Article 26Toute personne a droit à l’éducation. L’éducation doit être gratuite, au moins en ce qui concerne l’enseignement élémentaire et fondamental. L’enseignement élémentaire est obligatoire. L’enseignement technique et professionnel doit être généralisé ; l’accès aux études supérieures doit être ouvert en pleine égalité à tous en fonction de leurs mérité.
L’éducation doit viser au plein épanouissement de la personnalité humaine et au renforcement du respect des droits de l’homme et des libertés fondamentales. Elle doit favoriser la compréhension, la tolérance et l’amitié entre toutes les nations et tous les groupes radicaux ou religieux, ainsi que le développement des activités des Nations Unies pour le maintien de la paix.

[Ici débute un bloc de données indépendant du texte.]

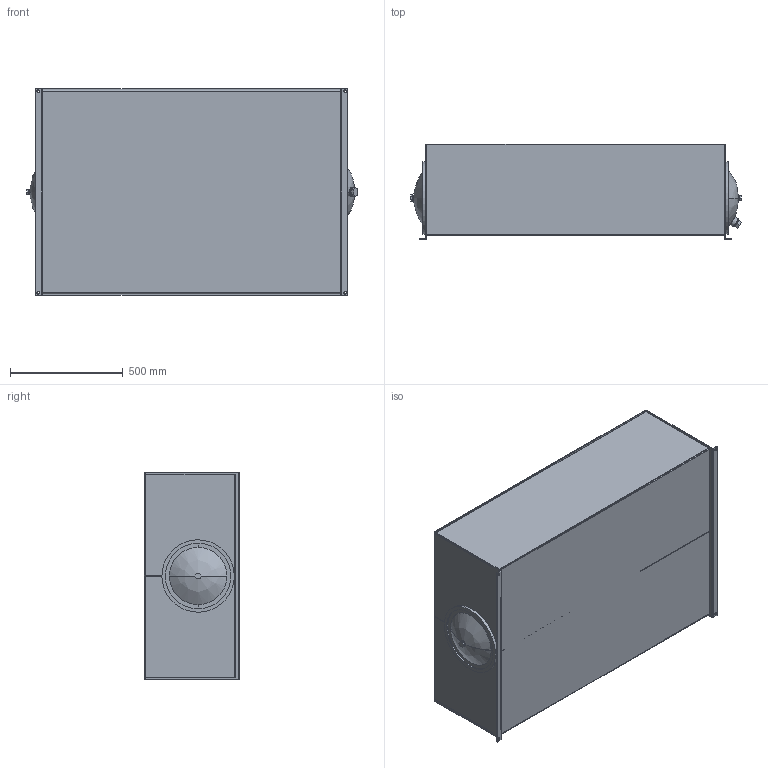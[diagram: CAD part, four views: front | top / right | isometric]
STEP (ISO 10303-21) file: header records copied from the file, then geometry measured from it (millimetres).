
FILE_DESCRIPTION (( 'STEP AP214' ), '1' );
FILE_NAME ('TH-100.STEP', '2026-04-22T18:35:11', ( '' ), ( '' ), 'SwSTEP 2.0', 'SolidWorks 2026', '' );
FILE_SCHEMA (( 'AUTOMOTIVE_DESIGN' ));
Length unit declared in the file: inch
Products named in the file (12): 0.625 - 11 BAFFLE NUT; 12.00 GASKET; TH-100; DRAIN; TH-100-TOP; TH-100-BDY; TL-ECD-12; 12.00 END COVER WITH DRAIN; CRUSH WASHER; TL-EC-12; TH-100-BFL; 0.625 - 11 HEX BOLT
Assembly tree (11 placements, depth 3):
  TH-100
    TH-100-TOP
    TH-100-BDY
    TH-100-BFL
    TL-ECD-12
      0.625 - 11 HEX BOLT
      0.625 - 11 BAFFLE NUT
      12.00 GASKET
      CRUSH WASHER
      12.00 END COVER WITH DRAIN
      DRAIN
    TL-EC-12
Bounding box: 1464.8 x 422.27 x 914.4 mm (x, y, z)
Volume: 16526306.7 mm3; surface area: 9861269.7 mm2
Topology: 10 solids, 16 shells, 222 faces, 523 edges, 332 vertices
Faces by surface type: plane 118, cylinder 88, bspline 8, cone 8
Entity records: 7076 total; most frequent: CARTESIAN_POINT 1399, DIRECTION 1173, ORIENTED_EDGE 1016, EDGE_CURVE 523, AXIS2_PLACEMENT_3D 432, VERTEX_POINT 332, VECTOR 309, LINE 309

Elle doit donc éviter tout endoctrinement précoce, afin que la personne, devenue adulte, puisse librement choisir une religion ou aucune.Les parents ont, par priorité, le droit de choisir le genre d’éducation à donner à leurs enfants, à condition que cette éducation conduise l’enfant à la liberté de ses choix d’adulte.Je crois en effet que des convictions religieuses inculquées, dès la naissance, par le milieu, et durant la prime jeunesse, parviennent à constituer l’essence même de la personne, et que toute autre religion représente alors une grave menace pour l’identité de cette personne. La suppression de l’Autre est vécue alors comme « légitime défense » et donc "normale", et préserve ainsi de toute culpabilité.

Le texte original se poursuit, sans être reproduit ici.